Эльтудинн прищурился. В его когтистых черных руках шкурка словно сияла. Бьердэ вспомнилось, сколь многие теперь обходят мыс Злой Надежды стороной и запрещают детям играть поблизости. Конечно, если не знать Эльтудинна, не слышать его ровного голоса и не видеть, как он предупредителен с паствой, может показаться, что в новом храме вместо служителя ― защитника и посредника в делах бессмертных ― поселилась сама Тьма. Пустое, даже возмутительное суеверие, если подумать. Эльтудинн, в конце концов, не кто попало, семья Чертополоха ― одна из древнейших на Общем Берегу. Граф ни мгновения не колебался, веля возвести довольно молодого еще жреца в сан верховного. И никто в лояльной части его ближнего круга не спорил: понимали, что решение политическое. Правда, была еще нелояльная часть, примерно треть баронов. Все тот же верховный судья, и двое старых советников, и пара казначеев, и отдельные покровители светлых жрецов. Они вообще вели себя неразумно: пророчили беды, в том числе говоря с народом. То и дело вспоминали выброшенных на берег медуз, которых лишь чудом успели вовремя собрать и сжечь. Уверяли, что это только начало, а жрец-аристократ тут ничем не поможет. Особенно жрец с репутацией безумца.

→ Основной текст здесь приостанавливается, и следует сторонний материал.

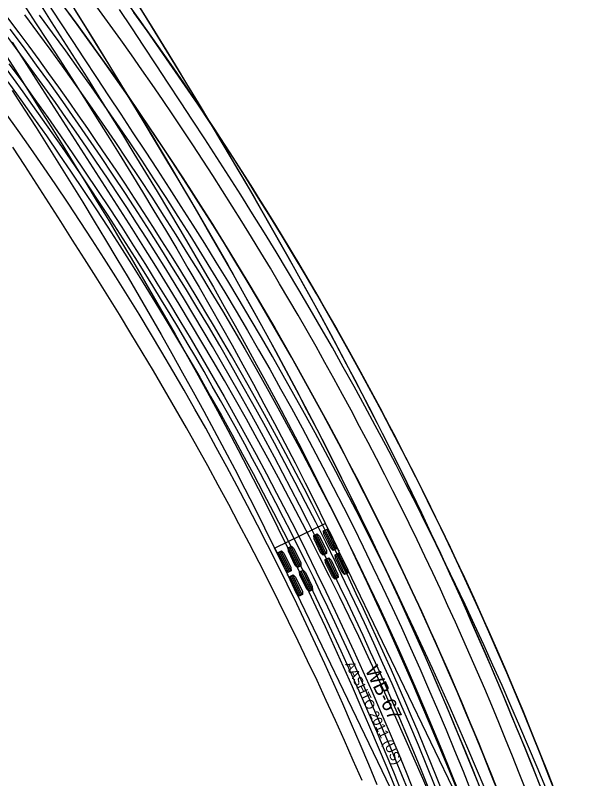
# Model space of a CAD drawing. Extents: x 916040 to 917457, y 328936 to 330267.
# Drawn here: x 916742.6 to 916826.9, y 329306.5 to 329421.5 of the extents above; entities that cross this region are included whole.
import ezdxf

# ---------------------------------------------------------------- set-up
doc = ezdxf.new("R2010")
doc.units = 0
for name, color, linetype in [('EB_RightontoSaco_WB67_v2', 7, 'Continuous'), ('NB_LeftontoRoute25_WB67', 7, 'Continuous'), ('NB_RightontoRoute25_WB67', 7, 'Continuous'), ('NB_ThruontoManchester_WB67', 7, 'Continuous'), ('SB_LeftontoRoute25_WB67', 7, 'Continuous'), ('SB_ThruontonSacoRd_WB67', 7, 'Continuous'), ('WB_LeftontoSaco_WB67', 7, 'Continuous')]:
    doc.layers.add(name, color=color, linetype=linetype)

msp = doc.modelspace()

# ---------------------------------------------------------------- linework, layer by layer
at = {"layer": 'EB_RightontoSaco_WB67_v2'}
for points in [[(916746.23, 329423.34), (916748.03, 329420.53), (916749.83, 329417.72), (916751.62, 329414.9), (916753.41, 329412.08), (916755.19, 329409.25), (916756.96, 329406.41), (916758.72, 329403.57), (916760.47, 329400.72), (916762.21, 329397.87), (916763.94, 329395), (916765.66, 329392.14), (916767.37, 329389.26), (916769.06, 329386.37), (916770.74, 329383.48), (916772.41, 329380.58), (916774.06, 329377.67), (916775.7, 329374.76), (916777.32, 329371.83), (916778.93, 329368.9), (916780.53, 329365.96), (916782.1, 329363.01), (916783.67, 329360.05), (916785.21, 329357.08), (916786.74, 329354.1), (916788.25, 329351.12), (916789.75, 329348.12), (916791.22, 329345.12), (916792.68, 329342.11), (916794.12, 329339.09), (916795.55, 329336.05), (916796.96, 329333.01), (916798.35, 329329.96), (916799.72, 329326.9), (916801.08, 329323.84), (916802.42, 329320.77), (916803.75, 329317.69), (916805.06, 329314.6), (916806.35, 329311.51), (916807.63, 329308.41), (916808.9, 329305.31)], [(916746.2, 329421.54), (916748.18, 329418.86), (916750.14, 329416.17), (916752.09, 329413.46), (916754.02, 329410.73), (916755.94, 329407.99), (916757.83, 329405.23), (916759.72, 329402.46), (916761.58, 329399.68), (916763.43, 329396.88), (916765.25, 329394.07), (916767.07, 329391.24), (916768.86, 329388.41), (916770.63, 329385.56), (916772.39, 329382.7), (916774.13, 329379.82), (916775.85, 329376.94), (916777.54, 329374.04), (916779.23, 329371.13), (916780.89, 329368.21), (916782.53, 329365.28), (916784.15, 329362.34), (916785.76, 329359.39), (916787.34, 329356.43), (916788.91, 329353.45), (916790.45, 329350.47), (916791.98, 329347.47), (916793.48, 329344.47), (916794.97, 329341.46), (916796.43, 329338.43), (916797.88, 329335.4), (916799.31, 329332.35), (916800.71, 329329.3), (916802.1, 329326.24), (916803.46, 329323.17), (916804.81, 329320.09), (916806.13, 329317), (916807.44, 329313.9), (916808.72, 329310.8), (916809.98, 329307.68), (916811.23, 329304.56)], [(916740.88, 329415.95), (916742.67, 329413.15), (916744.45, 329410.35), (916746.22, 329407.54), (916747.99, 329404.73), (916749.74, 329401.92), (916751.49, 329399.1), (916753.22, 329396.28), (916754.95, 329393.45), (916756.66, 329390.62), (916758.36, 329387.78), (916760.05, 329384.94), (916761.72, 329382.09), (916763.38, 329379.23), (916765.03, 329376.36), (916766.66, 329373.49), (916768.28, 329370.61), (916769.88, 329367.72), (916771.47, 329364.83), (916773.04, 329361.93), (916774.6, 329359.02), (916776.14, 329356.1), (916777.66, 329353.17), (916779.17, 329350.24), (916780.66, 329347.3), (916782.13, 329344.35), (916783.59, 329341.39), (916785.02, 329338.42), (916786.44, 329335.44), (916787.85, 329332.46), (916789.24, 329329.46), (916790.61, 329326.45), (916791.96, 329323.44), (916793.3, 329320.42), (916794.62, 329317.38), (916795.93, 329314.34), (916797.22, 329311.3), (916798.51, 329308.24), (916799.77, 329305.18)], [(916741.66, 329414.23), (916743.62, 329411.53), (916745.57, 329408.83), (916747.49, 329406.11), (916749.39, 329403.38), (916751.28, 329400.65), (916753.14, 329397.9), (916754.99, 329395.14), (916756.82, 329392.37), (916758.62, 329389.6), (916760.41, 329386.8), (916762.18, 329384), (916763.93, 329381.19), (916765.66, 329378.37), (916767.38, 329375.53), (916769.07, 329372.69), (916770.74, 329369.83), (916772.4, 329366.97), (916774.03, 329364.09), (916775.65, 329361.2), (916777.25, 329358.3), (916778.83, 329355.39), (916780.39, 329352.48), (916781.93, 329349.55), (916783.45, 329346.61), (916784.95, 329343.66), (916786.43, 329340.7), (916787.89, 329337.73), (916789.33, 329334.75), (916790.75, 329331.77), (916792.16, 329328.77), (916793.54, 329325.77), (916794.9, 329322.75), (916796.24, 329319.73), (916797.57, 329316.69), (916798.87, 329313.65), (916800.15, 329310.6), (916801.41, 329307.55), (916802.65, 329304.48)]]:
    msp.add_lwpolyline(points, dxfattribs=at)
msp.add_arc((916337.91, 329118.02), 504.75, 18.7715, 37.1675, dxfattribs=at)
at = {"layer": 'NB_LeftontoRoute25_WB67'}
for points in [[(916760.52, 329424.03), (916762.27, 329421.19), (916764.02, 329418.34), (916765.77, 329415.49), (916767.51, 329412.63), (916769.24, 329409.77), (916770.97, 329406.9), (916772.69, 329404.03), (916774.39, 329401.15), (916776.09, 329398.26), (916777.78, 329395.37), (916779.46, 329392.47), (916781.13, 329389.57), (916782.78, 329386.65), (916784.42, 329383.73), (916786.05, 329380.81), (916787.66, 329377.87), (916789.27, 329374.93), (916790.85, 329371.98), (916792.42, 329369.02), (916793.98, 329366.05), (916795.52, 329363.08), (916797.05, 329360.09), (916798.56, 329357.1), (916800.05, 329354.1), (916801.53, 329351.1), (916802.99, 329348.08), (916804.43, 329345.06), (916805.86, 329342.03), (916807.26, 329338.99), (916808.65, 329335.95), (916810.03, 329332.9), (916811.38, 329329.84), (916812.72, 329326.77), (916814.05, 329323.7), (916815.36, 329320.62), (916816.66, 329317.53), (916817.94, 329314.44), (916819.21, 329311.35), (916820.47, 329308.25), (916821.71, 329305.15)], [(916749.78, 329423.01), (916751.76, 329420.32), (916753.72, 329417.62), (916755.65, 329414.92), (916757.57, 329412.2), (916759.48, 329409.47), (916761.36, 329406.72), (916763.22, 329403.97), (916765.06, 329401.21), (916766.89, 329398.44), (916768.7, 329395.65), (916770.49, 329392.86), (916772.26, 329390.05), (916774.01, 329387.24), (916775.74, 329384.41), (916777.46, 329381.57), (916779.15, 329378.72), (916780.83, 329375.86), (916782.49, 329372.99), (916784.13, 329370.11), (916785.75, 329367.22), (916787.35, 329364.32), (916788.93, 329361.41), (916790.5, 329358.49), (916792.04, 329355.55), (916793.57, 329352.61), (916795.08, 329349.66), (916796.57, 329346.7), (916798.04, 329343.73), (916799.48, 329340.75), (916800.92, 329337.76), (916802.33, 329334.76), (916803.72, 329331.76), (916805.09, 329328.74), (916806.44, 329325.71), (916807.78, 329322.68), (916809.09, 329319.64), (916810.38, 329316.59), (916811.66, 329313.53), (916812.91, 329310.46), (916814.15, 329307.39), (916815.36, 329304.3)], [(916751.53, 329422.4), (916753.29, 329419.57), (916755.03, 329416.73), (916756.78, 329413.89), (916758.51, 329411.06), (916760.24, 329408.21), (916761.97, 329405.37), (916763.68, 329402.52), (916765.38, 329399.67), (916767.08, 329396.82), (916768.76, 329393.96), (916770.43, 329391.1), (916772.1, 329388.23), (916773.74, 329385.35), (916775.38, 329382.47), (916777, 329379.58), (916778.61, 329376.69), (916780.21, 329373.79), (916781.79, 329370.88), (916783.36, 329367.97), (916784.91, 329365.05), (916786.45, 329362.12), (916787.97, 329359.18), (916789.47, 329356.24), (916790.96, 329353.29), (916792.43, 329350.33), (916793.89, 329347.37), (916795.33, 329344.4), (916796.75, 329341.41), (916798.16, 329338.43), (916799.54, 329335.44), (916800.91, 329332.44), (916802.27, 329329.43), (916803.61, 329326.41), (916804.93, 329323.38), (916806.24, 329320.35), (916807.53, 329317.31), (916808.81, 329314.26), (916810.08, 329311.2), (916811.34, 329308.14), (916812.58, 329305.07)], [(916760.21, 329422.3), (916762.15, 329419.58), (916764.09, 329416.84), (916766, 329414.09), (916767.9, 329411.33), (916769.78, 329408.55), (916771.65, 329405.76), (916773.49, 329402.95), (916775.32, 329400.13), (916777.14, 329397.3), (916778.93, 329394.46), (916780.71, 329391.61), (916782.47, 329388.74), (916784.21, 329385.86), (916785.93, 329382.97), (916787.63, 329380.07), (916789.31, 329377.16), (916790.98, 329374.24), (916792.63, 329371.31), (916794.25, 329368.36), (916795.86, 329365.41), (916797.45, 329362.44), (916799.02, 329359.46), (916800.57, 329356.48), (916802.1, 329353.48), (916803.62, 329350.48), (916805.11, 329347.46), (916806.58, 329344.44), (916808.04, 329341.4), (916809.47, 329338.36), (916810.89, 329335.3), (916812.28, 329332.24), (916813.66, 329329.17), (916815.01, 329326.09), (916816.35, 329323), (916817.66, 329319.9), (916818.96, 329316.8), (916820.23, 329313.68), (916821.49, 329310.56), (916822.72, 329307.43), (916823.94, 329304.29)]]:
    msp.add_lwpolyline(points, dxfattribs=at)
msp.add_arc((916337.91, 329118.02), 516.5, 18.7715, 38.2197, dxfattribs=at)
at = {"layer": 'NB_RightontoRoute25_WB67'}
for points in [[(916813.31, 329304.99), (916812.03, 329308.03), (916810.73, 329311.08), (916809.41, 329314.11), (916808.08, 329317.14), (916806.74, 329320.15), (916805.37, 329323.17), (916803.99, 329326.17), (916802.6, 329329.16), (916801.19, 329332.15), (916799.76, 329335.13), (916798.31, 329338.1), (916796.85, 329341.06), (916795.37, 329344.01), (916793.88, 329346.95), (916792.36, 329349.89), (916790.83, 329352.81), (916789.29, 329355.73), (916787.72, 329358.63), (916786.14, 329361.53), (916784.54, 329364.41), (916782.92, 329367.29), (916781.29, 329370.15), (916779.64, 329373.01), (916777.97, 329375.85), (916776.28, 329378.69), (916774.57, 329381.51), (916772.85, 329384.32), (916771.11, 329387.13), (916769.36, 329389.92), (916767.58, 329392.71), (916765.79, 329395.5), (916763.99, 329398.28), (916762.18, 329401.06), (916760.36, 329403.84), (916758.53, 329406.61), (916756.7, 329409.39), (916754.86, 329412.17), (916753.03, 329414.95), (916751.2, 329417.73), (916749.37, 329420.52), (916747.55, 329423.32)], [(916815.41, 329304.18), (916814.19, 329307.27), (916812.96, 329310.35), (916811.7, 329313.42), (916810.43, 329316.48), (916809.13, 329319.53), (916807.82, 329322.58), (916806.49, 329325.62), (916805.13, 329328.64), (916803.76, 329331.66), (916802.37, 329334.67), (916800.96, 329337.67), (916799.53, 329340.66), (916798.08, 329343.64), (916796.61, 329346.61), (916795.12, 329349.57), (916793.62, 329352.52), (916792.09, 329355.46), (916790.55, 329358.4), (916788.98, 329361.32), (916787.4, 329364.23), (916785.8, 329367.13), (916784.18, 329370.02), (916782.54, 329372.9), (916780.88, 329375.77), (916779.21, 329378.63), (916777.51, 329381.48), (916775.8, 329384.31), (916774.07, 329387.14), (916772.32, 329389.95), (916770.55, 329392.76), (916768.77, 329395.55), (916766.96, 329398.33), (916765.14, 329401.1), (916763.3, 329403.85), (916761.45, 329406.6), (916759.57, 329409.33), (916757.68, 329412.05), (916755.77, 329414.76), (916753.84, 329417.45), (916751.9, 329420.13), (916749.94, 329422.81)], [(916822.44, 329305.17), (916821.15, 329308.27), (916819.85, 329311.35), (916818.54, 329314.43), (916817.2, 329317.51), (916815.85, 329320.58), (916814.49, 329323.64), (916813.11, 329326.69), (916811.71, 329329.73), (916810.3, 329332.77), (916808.86, 329335.8), (916807.41, 329338.82), (916805.95, 329341.84), (916804.46, 329344.84), (916802.96, 329347.84), (916801.44, 329350.82), (916799.91, 329353.8), (916798.35, 329356.77), (916796.78, 329359.73), (916795.19, 329362.68), (916793.59, 329365.62), (916791.96, 329368.55), (916790.32, 329371.47), (916788.66, 329374.39), (916786.98, 329377.29), (916785.28, 329380.18), (916783.57, 329383.06), (916781.84, 329385.92), (916780.09, 329388.78), (916778.32, 329391.63), (916776.54, 329394.46), (916774.75, 329397.29), (916772.94, 329400.1), (916771.12, 329402.91), (916769.29, 329405.71), (916767.46, 329408.5), (916765.63, 329411.29), (916763.79, 329414.07), (916761.96, 329416.85), (916760.13, 329419.63), (916758.3, 329422.4)], [(916824.13, 329303.8), (916822.92, 329306.93), (916821.69, 329310.06), (916820.44, 329313.18), (916819.17, 329316.29), (916817.88, 329319.39), (916816.57, 329322.49), (916815.24, 329325.58), (916813.88, 329328.66), (916812.51, 329331.73), (916811.12, 329334.79), (916809.71, 329337.85), (916808.28, 329340.89), (916806.83, 329343.93), (916805.36, 329346.95), (916803.87, 329349.97), (916802.36, 329352.98), (916800.83, 329355.97), (916799.28, 329358.96), (916797.72, 329361.94), (916796.13, 329364.91), (916794.52, 329367.86), (916792.9, 329370.81), (916791.26, 329373.75), (916789.59, 329376.67), (916787.91, 329379.59), (916786.21, 329382.49), (916784.49, 329385.38), (916782.75, 329388.27), (916781, 329391.14), (916779.22, 329394), (916777.43, 329396.84), (916775.62, 329399.68), (916773.79, 329402.5), (916771.94, 329405.32), (916770.07, 329408.12), (916768.19, 329410.9), (916766.28, 329413.68), (916764.36, 329416.44), (916762.43, 329419.19), (916760.47, 329421.93)]]:
    msp.add_lwpolyline(points, dxfattribs=at)
msp.add_arc((916337.91, 329118.02), 516.5, 18.7715, 38.2197, dxfattribs=at)
at = {"layer": 'NB_ThruontoManchester_WB67'}
for points in [[(916750.67, 329423.83), (916752.43, 329420.99), (916754.18, 329418.16), (916755.92, 329415.32), (916757.66, 329412.48), (916759.39, 329409.64), (916761.12, 329406.8), (916762.83, 329403.96), (916764.54, 329401.11), (916766.24, 329398.25), (916767.93, 329395.4), (916769.61, 329392.53), (916771.27, 329389.67), (916772.93, 329386.79), (916774.57, 329383.92), (916776.2, 329381.03), (916777.82, 329378.14), (916779.42, 329375.24), (916781.01, 329372.34), (916782.58, 329369.43), (916784.14, 329366.51), (916785.68, 329363.59), (916787.21, 329360.66), (916788.73, 329357.72), (916790.22, 329354.77), (916791.7, 329351.82), (916793.17, 329348.85), (916794.62, 329345.88), (916796.05, 329342.91), (916797.46, 329339.93), (916798.85, 329336.94), (916800.23, 329333.94), (916801.59, 329330.94), (916802.94, 329327.92), (916804.27, 329324.9), (916805.59, 329321.87), (916806.89, 329318.83), (916808.18, 329315.78), (916809.45, 329312.73), (916810.71, 329309.67), (916811.96, 329306.6), (916813.2, 329303.53)], [(916759.23, 329423.66), (916761.18, 329420.94), (916763.12, 329418.21), (916765.05, 329415.47), (916766.95, 329412.71), (916768.84, 329409.94), (916770.72, 329407.15), (916772.57, 329404.36), (916774.41, 329401.54), (916776.23, 329398.72), (916778.04, 329395.88), (916779.82, 329393.04), (916781.59, 329390.18), (916783.34, 329387.3), (916785.07, 329384.42), (916786.78, 329381.53), (916788.47, 329378.62), (916790.15, 329375.7), (916791.8, 329372.77), (916793.44, 329369.83), (916795.06, 329366.88), (916796.66, 329363.92), (916798.24, 329360.95), (916799.8, 329357.97), (916801.34, 329354.98), (916802.86, 329351.98), (916804.37, 329348.97), (916805.85, 329345.95), (916807.31, 329342.92), (916808.76, 329339.88), (916810.18, 329336.83), (916811.59, 329333.77), (916812.97, 329330.71), (916814.34, 329327.63), (916815.68, 329324.55), (916817.01, 329321.45), (916818.31, 329318.35), (916819.6, 329315.24), (916820.86, 329312.12), (916822.11, 329309), (916823.33, 329305.86)], [(916750.77, 329421.67), (916752.74, 329418.98), (916754.69, 329416.27), (916756.62, 329413.56), (916758.53, 329410.83), (916760.42, 329408.1), (916762.29, 329405.35), (916764.14, 329402.59), (916765.98, 329399.83), (916767.8, 329397.05), (916769.59, 329394.26), (916771.37, 329391.46), (916773.13, 329388.65), (916774.88, 329385.82), (916776.6, 329382.99), (916778.31, 329380.15), (916779.99, 329377.29), (916781.66, 329374.43), (916783.31, 329371.55), (916784.94, 329368.67), (916786.55, 329365.77), (916788.14, 329362.86), (916789.72, 329359.95), (916791.27, 329357.02), (916792.81, 329354.08), (916794.33, 329351.14), (916795.82, 329348.18), (916797.3, 329345.22), (916798.76, 329342.24), (916800.2, 329339.26), (916801.62, 329336.26), (916803.02, 329333.26), (916804.41, 329330.25), (916805.77, 329327.23), (916807.11, 329324.2), (916808.44, 329321.16), (916809.74, 329318.11), (916811.02, 329315.06), (916812.29, 329312), (916813.53, 329308.93), (916814.76, 329305.85)], [(916761.41, 329422.62), (916763.16, 329419.77), (916764.91, 329416.92), (916766.65, 329414.06), (916768.39, 329411.2), (916770.12, 329408.34), (916771.84, 329405.47), (916773.55, 329402.59), (916775.25, 329399.71), (916776.95, 329396.82), (916778.63, 329393.93), (916780.3, 329391.02), (916781.96, 329388.11), (916783.61, 329385.2), (916785.24, 329382.27), (916786.86, 329379.34), (916788.47, 329376.4), (916790.07, 329373.46), (916791.64, 329370.5), (916793.21, 329367.54), (916794.76, 329364.57), (916796.29, 329361.59), (916797.81, 329358.6), (916799.31, 329355.61), (916800.8, 329352.6), (916802.27, 329349.59), (916803.72, 329346.57), (916805.15, 329343.54), (916806.57, 329340.51), (916807.96, 329337.47), (916809.34, 329334.42), (916810.71, 329331.37), (916812.06, 329328.31), (916813.39, 329325.24), (916814.71, 329322.16), (916816.01, 329319.08), (916817.3, 329315.99), (916818.58, 329312.9), (916819.84, 329309.8), (916821.09, 329306.7), (916822.33, 329303.59)]]:
    msp.add_lwpolyline(points, dxfattribs=at)
msp.add_arc((916337.91, 329118.02), 516.5, 18.7715, 38.2197, dxfattribs=at)
at = {"layer": 'SB_LeftontoRoute25_WB67'}
msp.add_arc((916337.91, 329118.02), 500, 18.7715, 37.1675, dxfattribs=at)
at = {"layer": 'SB_ThruontonSacoRd_WB67'}
for points in [[(916805.8, 329305.36), (916804.54, 329308.47), (916803.26, 329311.58), (916801.96, 329314.68), (916800.64, 329317.77), (916799.3, 329320.85), (916797.93, 329323.92), (916796.55, 329326.99), (916795.14, 329330.04), (916793.72, 329333.09), (916792.27, 329336.12), (916790.81, 329339.15), (916789.32, 329342.17), (916787.82, 329345.18), (916786.29, 329348.17), (916784.74, 329351.16), (916783.18, 329354.14), (916781.59, 329357.1), (916779.99, 329360.06), (916778.36, 329363.01), (916776.72, 329365.94), (916775.05, 329368.86), (916773.37, 329371.78), (916771.66, 329374.68), (916769.94, 329377.57), (916768.2, 329380.44), (916766.44, 329383.31), (916764.66, 329386.17), (916762.86, 329389.01), (916761.04, 329391.84), (916759.2, 329394.66), (916757.35, 329397.46), (916755.47, 329400.26), (916753.58, 329403.04), (916751.67, 329405.8), (916749.74, 329408.56), (916747.79, 329411.3), (916745.82, 329414.03), (916743.84, 329416.75), (916741.83, 329419.45)], [(916805.23, 329303.51), (916803.92, 329306.59), (916802.59, 329309.66), (916801.25, 329312.73), (916799.89, 329315.79), (916798.51, 329318.84), (916797.12, 329321.89), (916795.71, 329324.92), (916794.28, 329327.95), (916792.83, 329330.98), (916791.37, 329333.99), (916789.89, 329336.99), (916788.39, 329339.99), (916786.87, 329342.97), (916785.34, 329345.95), (916783.79, 329348.92), (916782.21, 329351.87), (916780.63, 329354.82), (916779.02, 329357.76), (916777.39, 329360.69), (916775.75, 329363.61), (916774.08, 329366.51), (916772.4, 329369.41), (916770.7, 329372.3), (916768.99, 329375.17), (916767.25, 329378.04), (916765.51, 329380.9), (916763.74, 329383.75), (916761.97, 329386.58), (916760.19, 329389.42), (916758.4, 329392.24), (916756.6, 329395.06), (916754.8, 329397.87), (916752.99, 329400.68), (916751.18, 329403.48), (916749.38, 329406.28), (916747.57, 329409.08), (916745.77, 329411.88), (916743.97, 329414.68), (916742.18, 329417.48)], [(916797.07, 329305.62), (916795.8, 329308.69), (916794.52, 329311.74), (916793.21, 329314.79), (916791.89, 329317.83), (916790.54, 329320.85), (916789.18, 329323.87), (916787.8, 329326.88), (916786.39, 329329.88), (916784.97, 329332.87), (916783.52, 329335.85), (916782.06, 329338.82), (916780.57, 329341.78), (916779.07, 329344.73), (916777.55, 329347.67), (916776, 329350.6), (916774.44, 329353.52), (916772.86, 329356.43), (916771.26, 329359.33), (916769.64, 329362.22), (916768, 329365.09), (916766.34, 329367.96), (916764.66, 329370.81), (916762.96, 329373.65), (916761.25, 329376.49), (916759.51, 329379.31), (916757.76, 329382.11), (916755.99, 329384.91), (916754.2, 329387.7), (916752.39, 329390.47), (916750.56, 329393.23), (916748.71, 329395.98), (916746.85, 329398.71), (916744.97, 329401.44), (916743.06, 329404.15), (916741.15, 329406.85)], [(916794.8, 329306.27), (916793.47, 329309.3), (916792.13, 329312.32), (916790.77, 329315.33), (916789.4, 329318.33), (916788.01, 329321.32), (916786.6, 329324.31), (916785.18, 329327.29), (916783.73, 329330.25), (916782.28, 329333.21), (916780.8, 329336.16), (916779.31, 329339.1), (916777.8, 329342.03), (916776.27, 329344.95), (916774.72, 329347.87), (916773.15, 329350.77), (916771.57, 329353.66), (916769.97, 329356.54), (916768.35, 329359.41), (916766.72, 329362.27), (916765.06, 329365.12), (916763.39, 329367.96), (916761.7, 329370.8), (916759.99, 329373.62), (916758.27, 329376.44), (916756.53, 329379.26), (916754.77, 329382.07), (916753, 329384.87), (916751.22, 329387.68), (916749.44, 329390.48), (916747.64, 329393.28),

– Знаете, я слышу это часто в последнее время, ― столь же ровно, даже с некоторым участием отозвался Эльтудинн. ― Кошмары одолевают многих, мне жаловался даже один из живописцев храма, старший.
Бьердэ не удержался. Кошмары видит и знаменитый ди Рэс с его легким нравом?
– А вам… не видится в том дурное знамение? Прежде такого не было.
Намек был прозрачен, несвоевременен и груб, стоило промолчать. Но Эльтудинн лишь холодно улыбнулся, казалось, не оскорбившись. Он не посоветовал лучше следить за языком, хотя подобного Бьердэ, привычный к упрекам старейшин, ждал. Ему всегда было сложно выдерживать в деловых беседах правильный тон, не переступать границ: он принадлежал к расе, считавшейся высшей и равнодушной, словно бы… не до конца. Иногда ему казалось, что сдери он шкуру ― а под ней кто-то другой. Жадный до жизни. Заурядный. Глупый. Очень пылкий. Бороться с этим «другим» было все труднее.
– Я предпочитаю не видеть знамений там, где их может не быть, маар, это вредная привычка. А кошмары ― вещь рядовая, их вижу и я, даром что… служу.